Sin bloqueo, la estabilidad europea ya no es lo que solía ser. El desgaste de los partidos tradicionales, la fragmentación del voto y la dificultad para construir consensos han hecho que los sistemas parlamentarios enfrenten desafíos que ayer parecían exclusivos del presidencialismo iberoamericano. Si la tendencia continúa, Europa podría descubrir que la inestabilidad es más contagiosa de lo que parece.

El trastorno de la estabilidad política en Europa no significa que el continente vaya camino a una crisis al estilo iberoamericano, pero sí es una advertencia. La fragmentación, la polarización y la dificultad para dirigir no son problemas exclusivos de un maniquí político u otro. Lo que diferencia a las democracias resilientes de las frágiles no es su diseño institucional, sino la capacidad de sus actores políticos para dirigir la incertidumbre sin dinamitar el sistema.

Para América Latina, la catequesis es clara: no baste con sobrevivir a las crisis, hay que construir instituciones que reduzcan su frecuencia e impacto. Eso implica robustecer la civilización democrática, evitar la dependencia de liderazgos personalistas y promover la negociación política como una aparejo de gobernabilidad, en lado de convertir cada desacuerdo en una crisis existencial.

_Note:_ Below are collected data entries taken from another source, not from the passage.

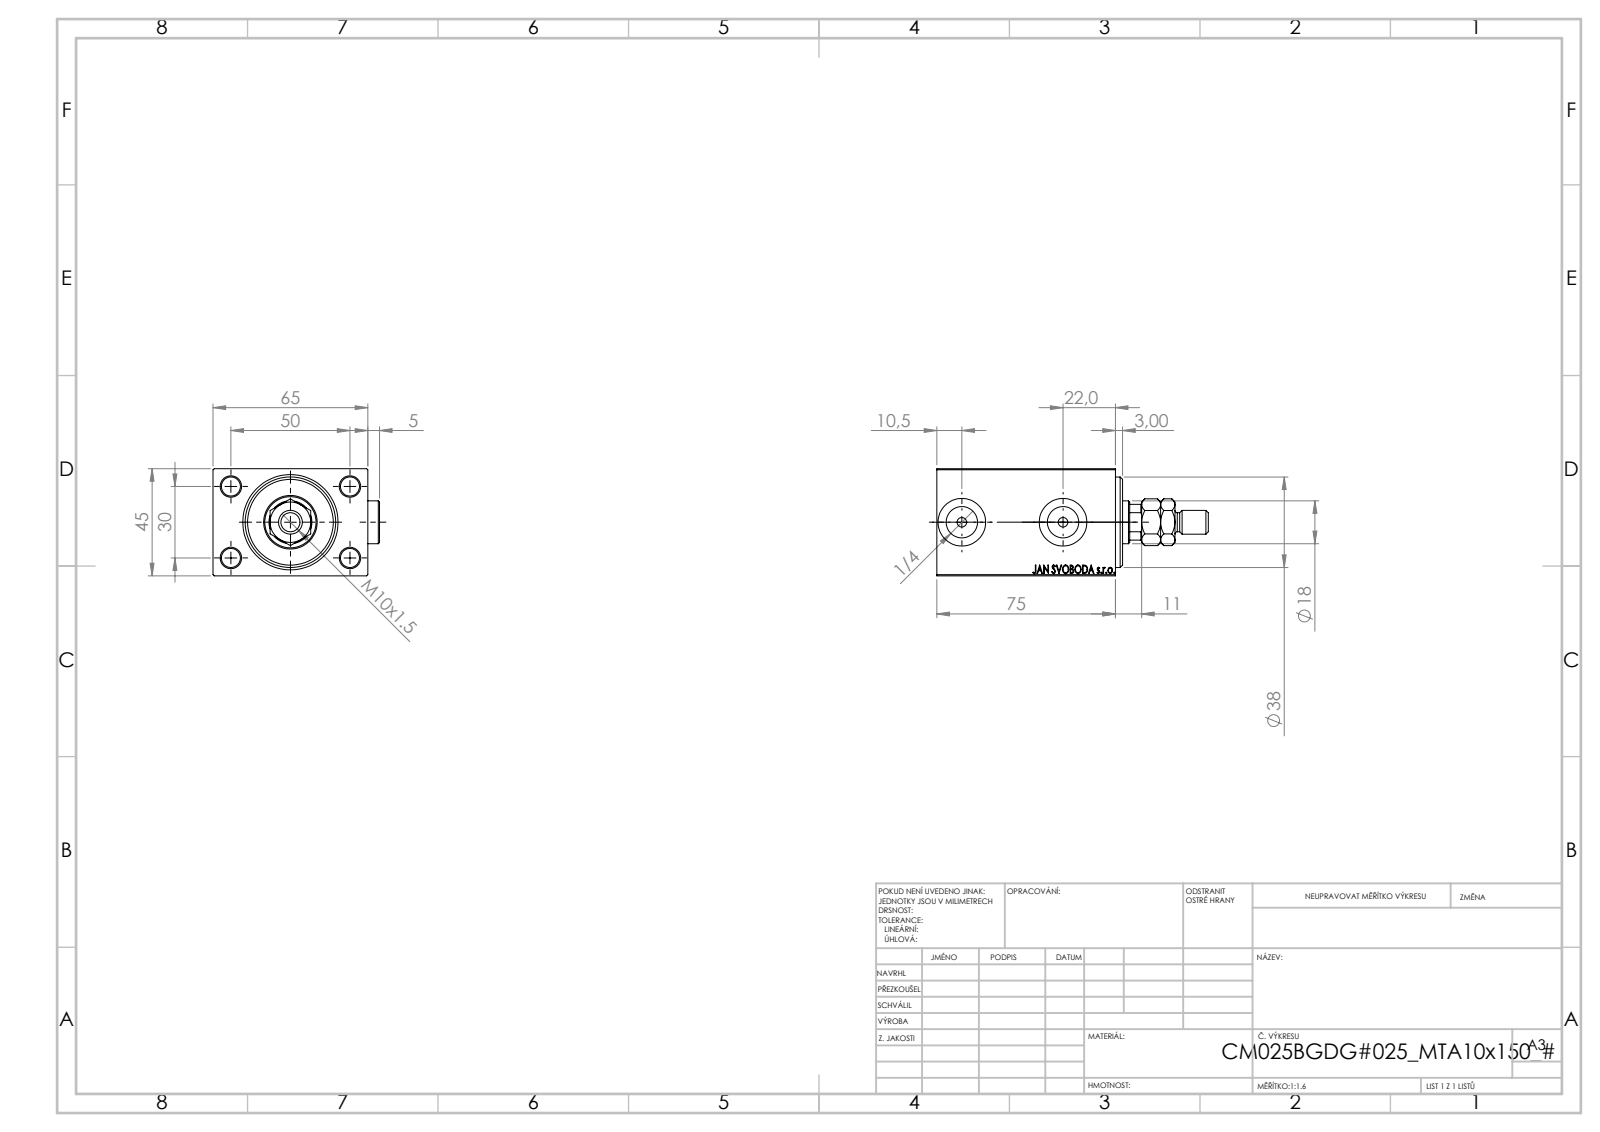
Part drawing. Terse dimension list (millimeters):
name: MTA; V450CM_VC_B; V450CM_B_Body; V450CM_B_VCP (+1 more)
written by: SolidWorks 2019 (CONFIG_CONTROL_DESIGN)
unit: mm
bodies: 6 solids, 984 faces (450 planar, 74 cylindrical, 460 other)
size: 114 × 69.9 × 45
volume: 210 272 mm³; area: 47 416 mm²
holes: 4× ⌀8, 2× ⌀4, 2× ⌀13.16, 2× ⌀20, 1× ⌀8.5, 1× ⌀18, 1× ⌀21.5, 1× ⌀22.5, 1× ⌀25, 1× ⌀27, 1× ⌀38
bosses: 2× ⌀18, 1× ⌀10, 1× ⌀8
rounds: 1× R8.5
face distances: 45, 65, 5, 75, 6, 64, 64.9, 70, 69, 8
hole spacings: 29.15, 30, 50, 58.31, 42.5
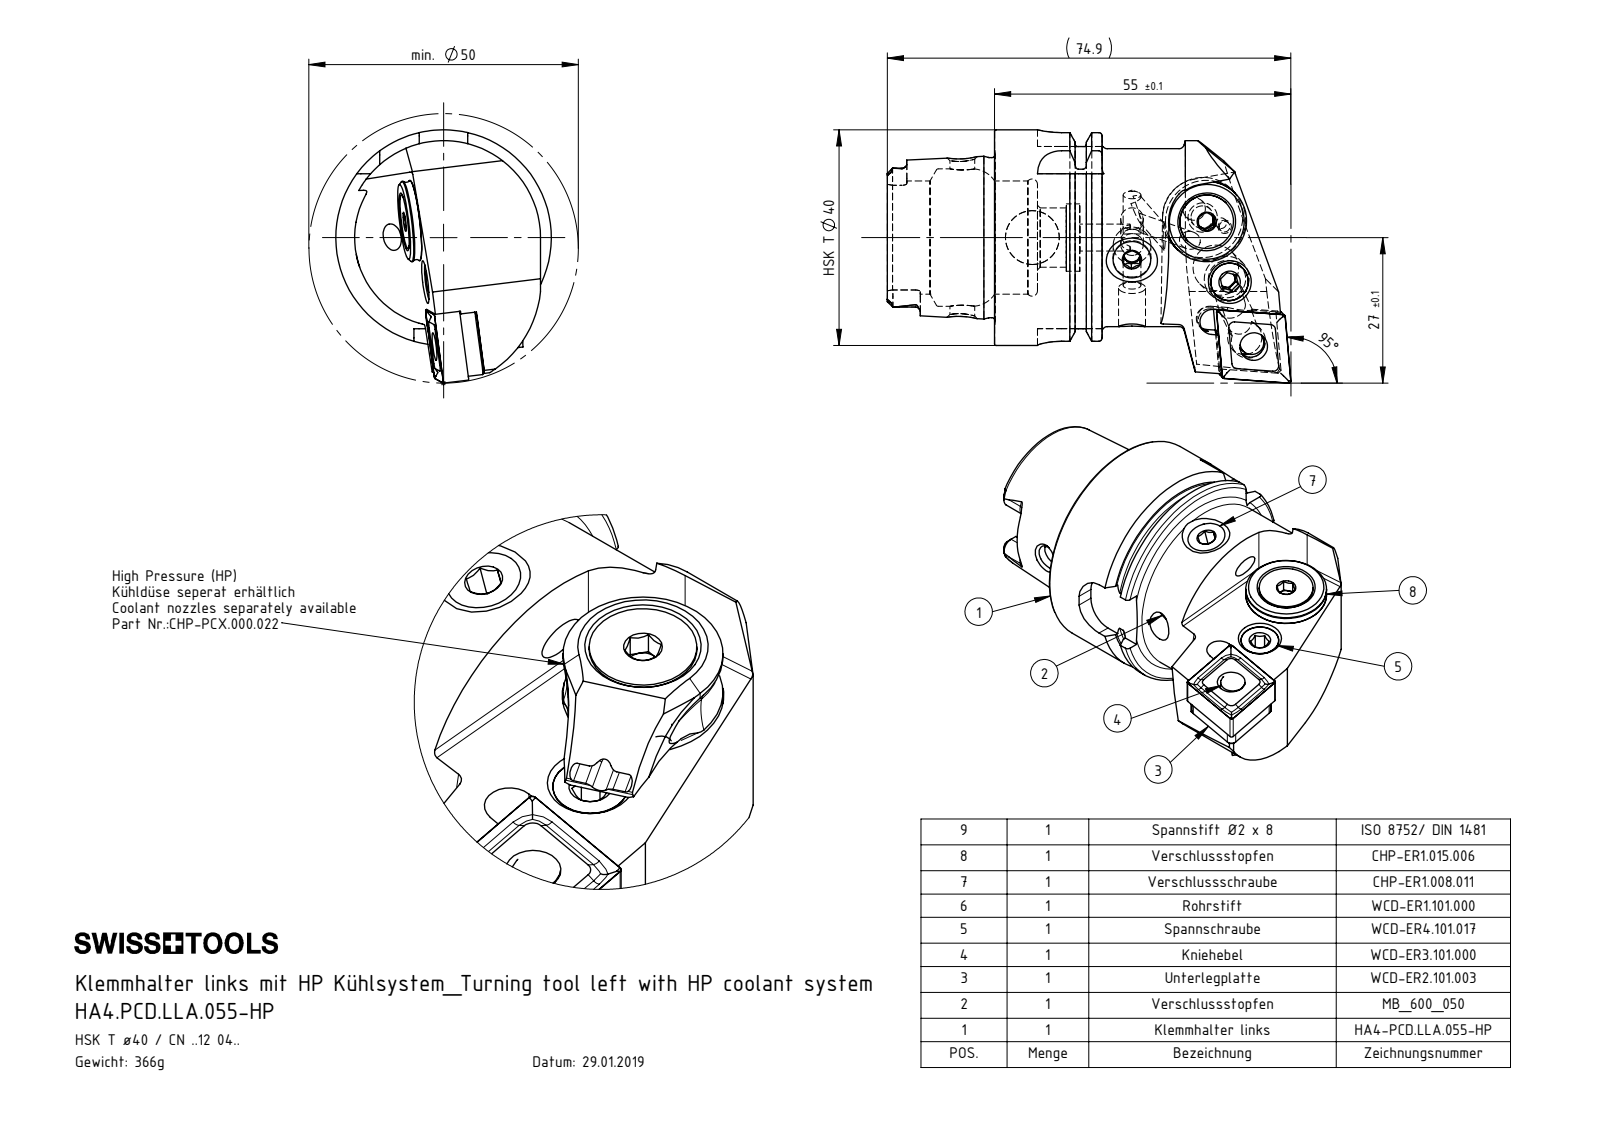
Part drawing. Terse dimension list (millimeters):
name: HA4.PCD.LLA.055-HP; HA4-PCD.LLA.055-HP_A; CHP-ER1.015.006_A; CNMG120404 (+8 more)
written by: SolidWorks 2017 (AUTOMOTIVE_DESIGN)
unit: mm
bodies: 13 solids, 540 faces (167 planar, 148 cylindrical, 225 other)
size: 74.9 × 47 × 40
volume: 46 051 mm³; area: 19 080 mm²
holes: 3× ⌀3.3, 2× ⌀4.2, 2× ⌀5, 2× ⌀7, 1× ⌀1.2, 1× ⌀2, 1× ⌀2.5, 1× ⌀3, 1× ⌀4, 1× ⌀4.6, 1× ⌀5.16, 1× ⌀5.2
bosses: 2× ⌀8, 2× ⌀5, 1× ⌀40, 1× ⌀34.75, 1× ⌀33, 1× ⌀29.71, 1× ⌀15, 1× ⌀13.4
rounds: 6× R0.9, 4× R0.4, 4× R1, 4× R1.88, 4× R4.5, 2× R0.5, 2× R2.5, 1× R2.1
face distances: 4.5, 4.46, 7.95, 19.95, 12, 3.14, 3.18, 7.64, 19.9, 27.85
hole spacings: 4.5, 9.8, 12.45, 22.39, 25.3, 4.49, 12.79, 12.85
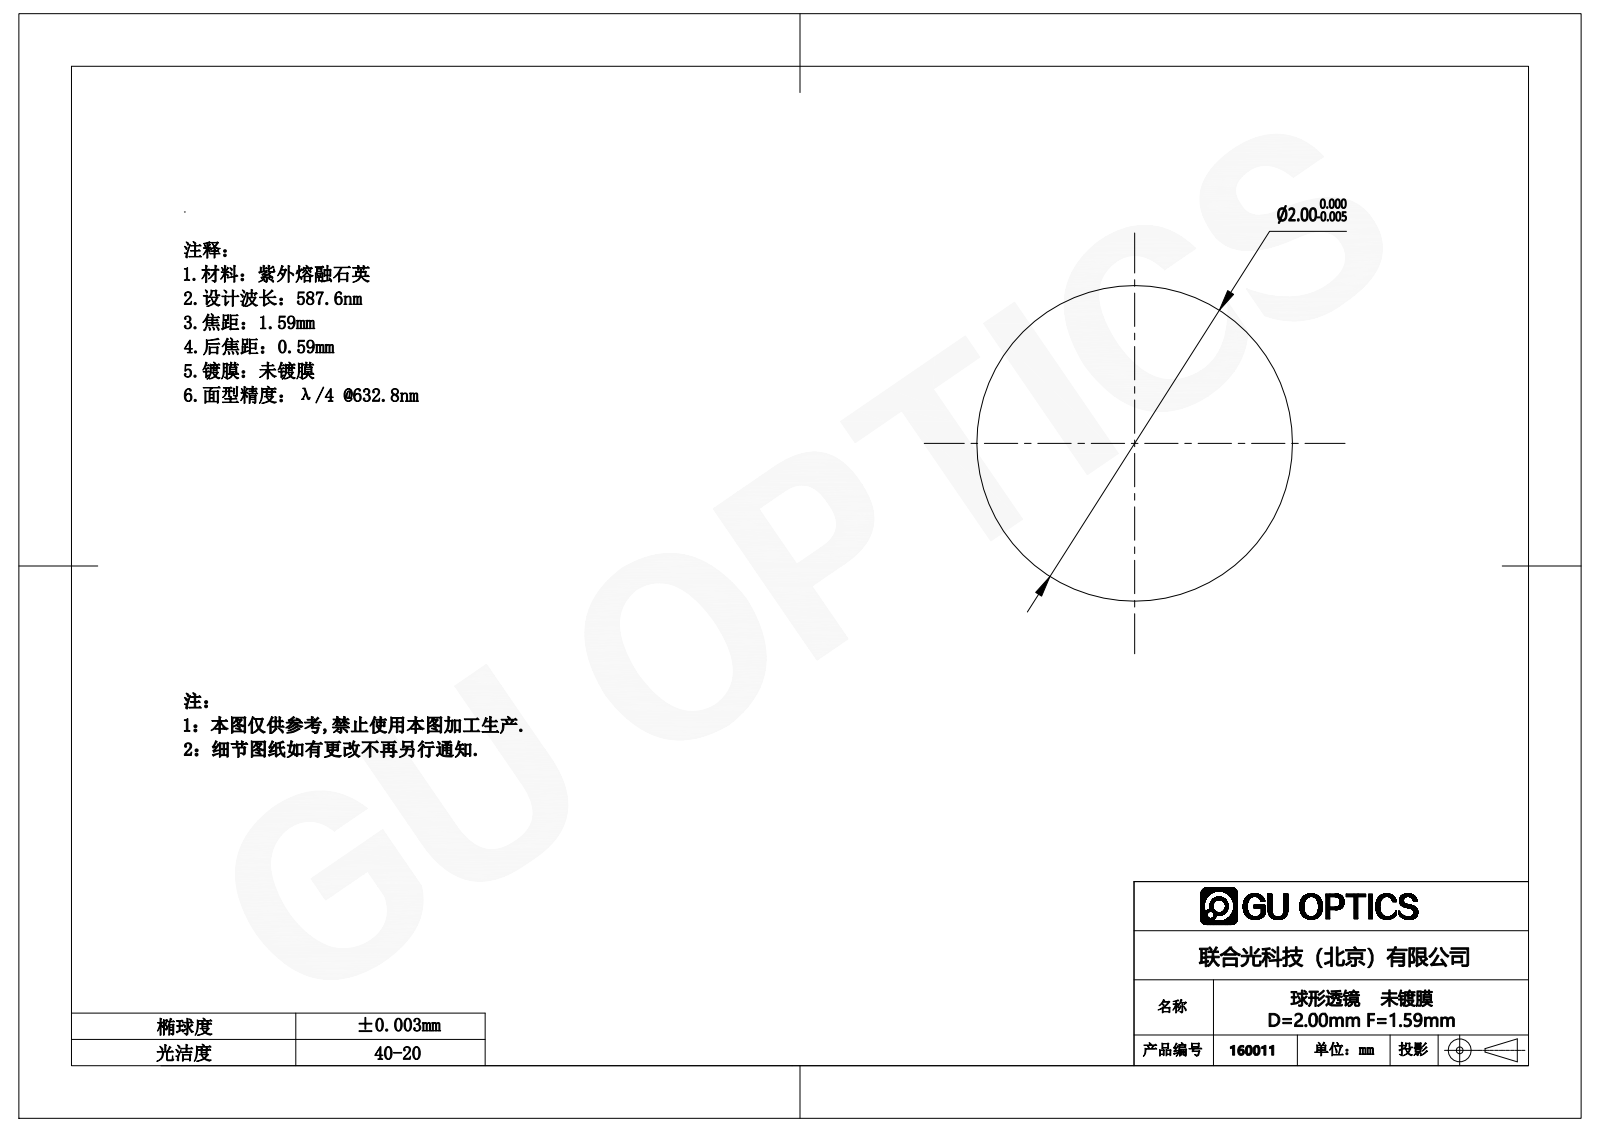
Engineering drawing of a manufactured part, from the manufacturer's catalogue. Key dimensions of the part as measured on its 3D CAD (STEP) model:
Part name (STEP PRODUCT): 160001
STEP written by: SolidWorks 2016 (CONFIG_CONTROL_DESIGN)
Units: millimetres
Bodies: 1 solid, 2 faces (0 planar, 0 cylindrical, 2 other)
Overall size (bounding box): 2 × 2 × 2
Volume: 4 mm³ · Surface area: 13 mm²
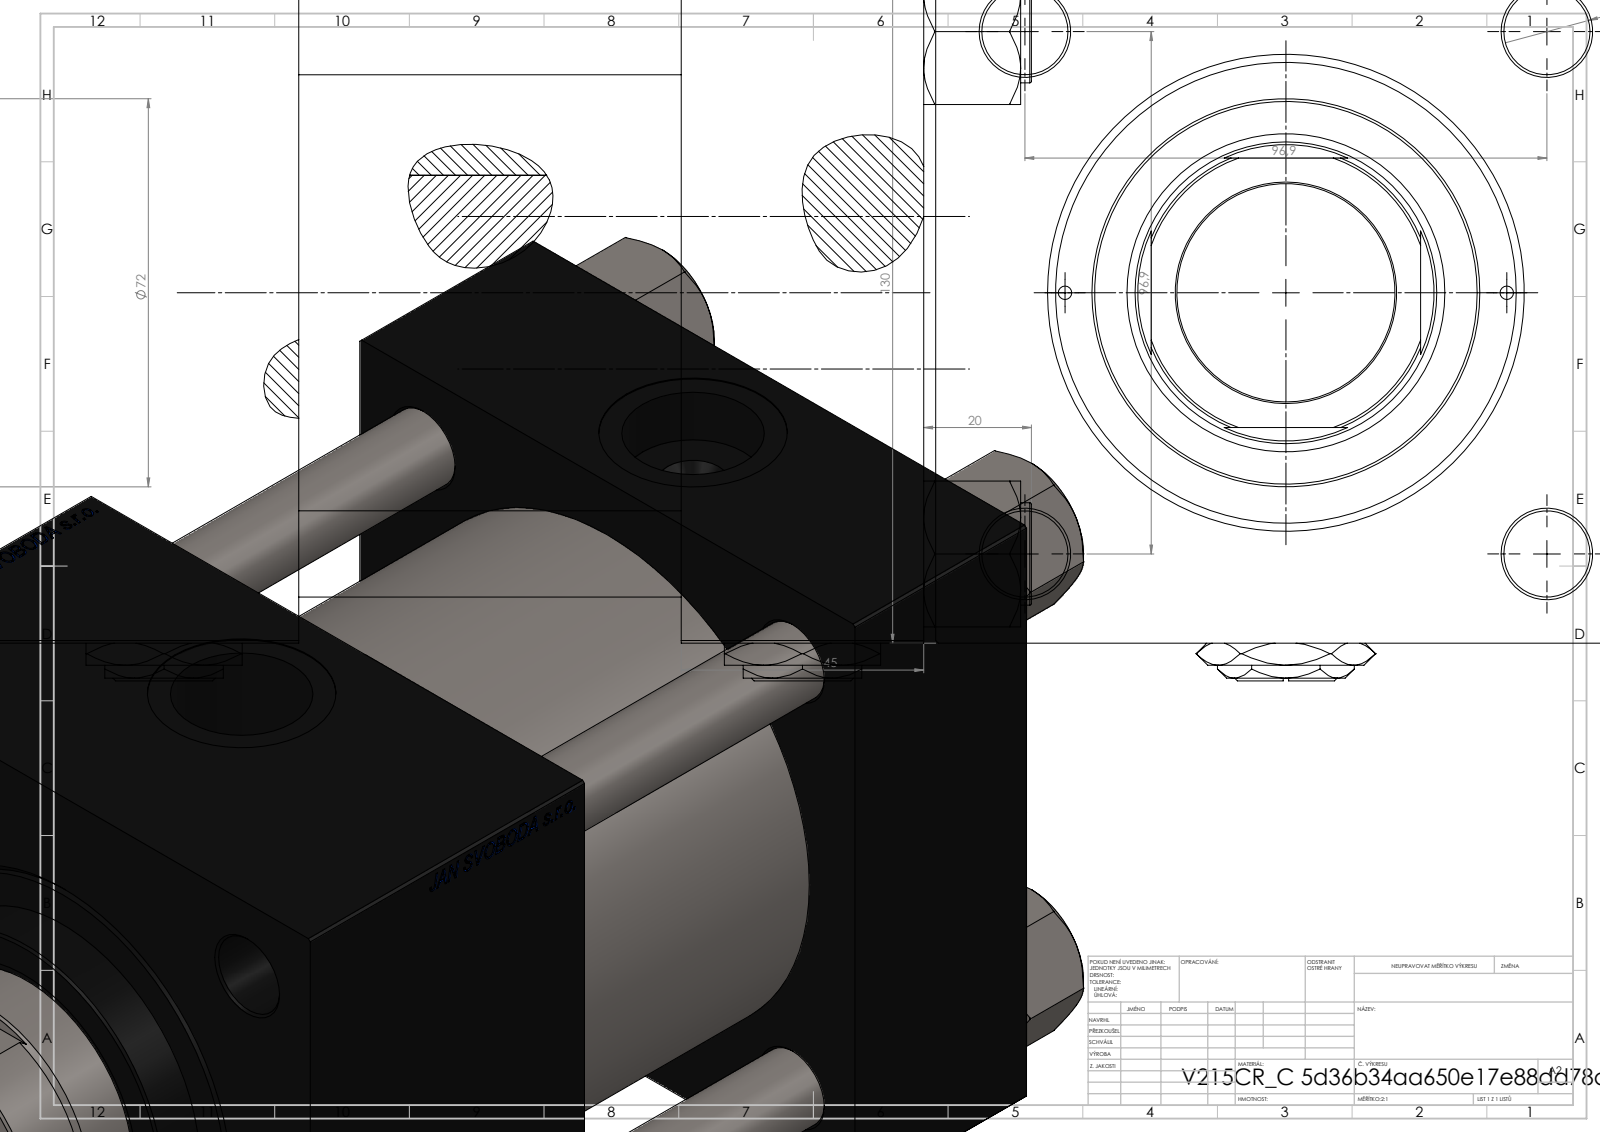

Para Europa, el desafío es evitar que la fragmentación se transforme en parálisis. La estabilidad no es un derecho adquirido, sino una construcción constante. Si los sistemas políticos europeos no logran adaptarse a la nueva ingenuidad de electorados cada vez más fragmentados, podrían encontrarse con que su prestigiosa tradición de estabilidad se erosiona más rápido de lo que nadie imaginó.

Al final, ni América Latina ni Europa tienen garantizada la estabilidad. La diferencia entre ambas regiones no está en la presencia de crisis, sino en la modo en que las enfrentan. Y en ese demarcación, ambas tienen mucho que cultivarse—y que temer.

Fernando Domínguez Sardou es Doctorando en Ciencia Política (Universidad Doméstico de San Martín) y Magister en Derecho Electoral, Parlamentario y Técnica Legislativa (Universidad de Castilla-La Mancha). Profesor de Ciencia Política en la Universidad Católica Argentina, Universidad Austral, Universidad del Ártico Santo Tomás de Aquino y Universidad Doméstico de Tres de Febrero.